San Carlos officials joined officials from cities across the Peninsula in voting Monday to submit a letter opposing a proposed boost of residential construction near jobs and transit hubs under Senate Bill authored by state Sen. Scott Wiener, D-San Francisco.
A letter outlining concerns and suggestions councilmembers have for the controversial housing bill allowing greater housing density and building heights within quarter-mile and half-mile distances of transit stops and job centers received a vote of 4-1 from San Carlos city officials, with Mayor Mark Olbert voting against the draft up for review Monday.
The letter acknowledged the city is on track to build the 596 units the city is required to build between 2015 and 2023 as part of its state-mandated Regional Housing Needs Allocation and has sought zoning and housing policies that can accommodate affordable housing.

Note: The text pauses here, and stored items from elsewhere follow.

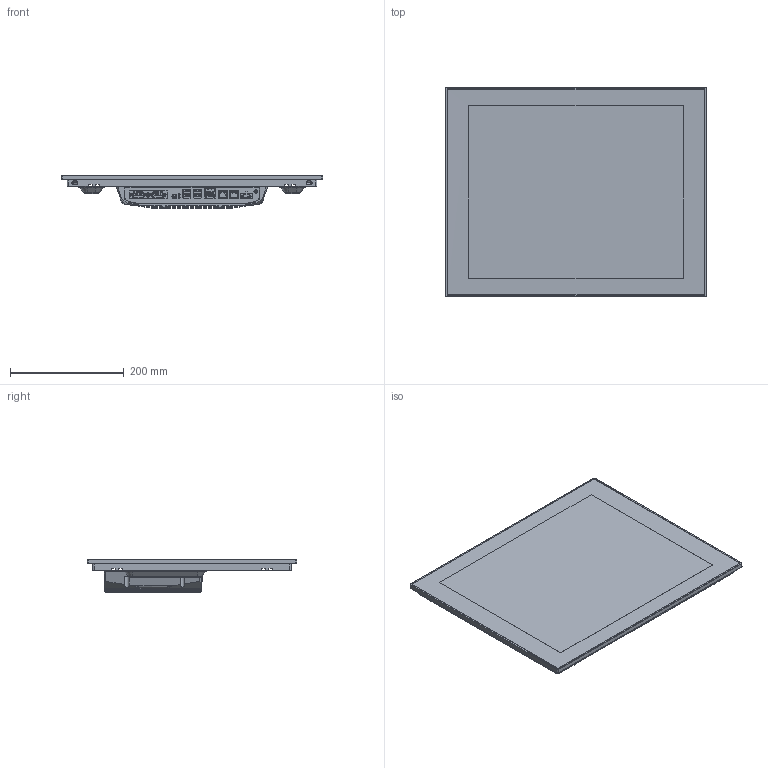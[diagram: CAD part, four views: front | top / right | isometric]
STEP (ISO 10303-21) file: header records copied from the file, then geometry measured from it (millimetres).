
FILE_DESCRIPTION (( 'STEP AP214' ), '1' );
FILE_NAME ('TPC-C190H-N S 3D蚾饜芞.STEP', '2024-08-21T06:44:32', ( 'demo' ), ( '' ), 'SwSTEP 2.0', 'SolidWorks 2016', '' );
FILE_SCHEMA (( 'AUTOMOTIVE_DESIGN' ));
Length unit declared in the file: millimetre
Products named in the file (1): TPC-C190H-N S 3D蚾饜芞
Bounding box: 460 x 369 x 58.5 mm (x, y, z)
Surface area: 679989.6 mm2 (no closed solid volume)
Topology: 0 solids, 101 shells, 1298 faces, 7662 edges, 6096 vertices
Faces by surface type: plane 818, cylinder 364, cone 76, bspline 26, torus 14
Entity records: 89863 total; most frequent: CARTESIAN_POINT 20313, DIRECTION 10658, ORIENTED_EDGE 10042, EDGE_CURVE 7636, VERTEX_POINT 6096, VECTOR 5550, LINE 5550, AXIS2_PLACEMENT_3D 2554

The draft councilmembers approved also advocated for amendments limiting increased height limits to multi-family and mixed-use zones to preserve single-family neighborhoods, among other suggestions.
Though Olbert largely agreed with the version of the letter city staff drafted, he hoped to include language acknowledging the role cities can play in addressing the regional housing crisis. He said he is open to the state holding cities accountable for building housing but didn’t favor the bill’s proposal to dictate where housing takes shape.
“I would be OK with SB 50 if it stopped telling us exactly where to build the housing,” he said, according to a video of the meeting. “I just would like to preserve some local control as to where we build it.”
SB 50 was last amended March 11 and passed out of the Senate Committee on Housing April 2. It will be heard by the Senate Governance and Finance Committee April 24.
The letter also noted the city’s efforts to provide flexible development standards for affordable housing projects and an inclusionary zoning ordinance mandating developers to designate 15% of the units in a given residential development to be affordable at below-market rates.
Councilmembers continued their discussion of strategies for boosting the number of affordable units built in the city, pegging a review of the city’s below-market-rate and accessory dwelling unit ordinances as among the policies officials could consider amending to boost housing production. Whether to reduce fees associated with ADUs and other residential projects and require developers to include below-market-rate units in their projects instead of allowing them to pay in-lieu fees are among the questions city officials will discuss.
They have also discussed the possibility of scoping higher densities in specific zones in the city as well as relax parking requirements to allow for more units.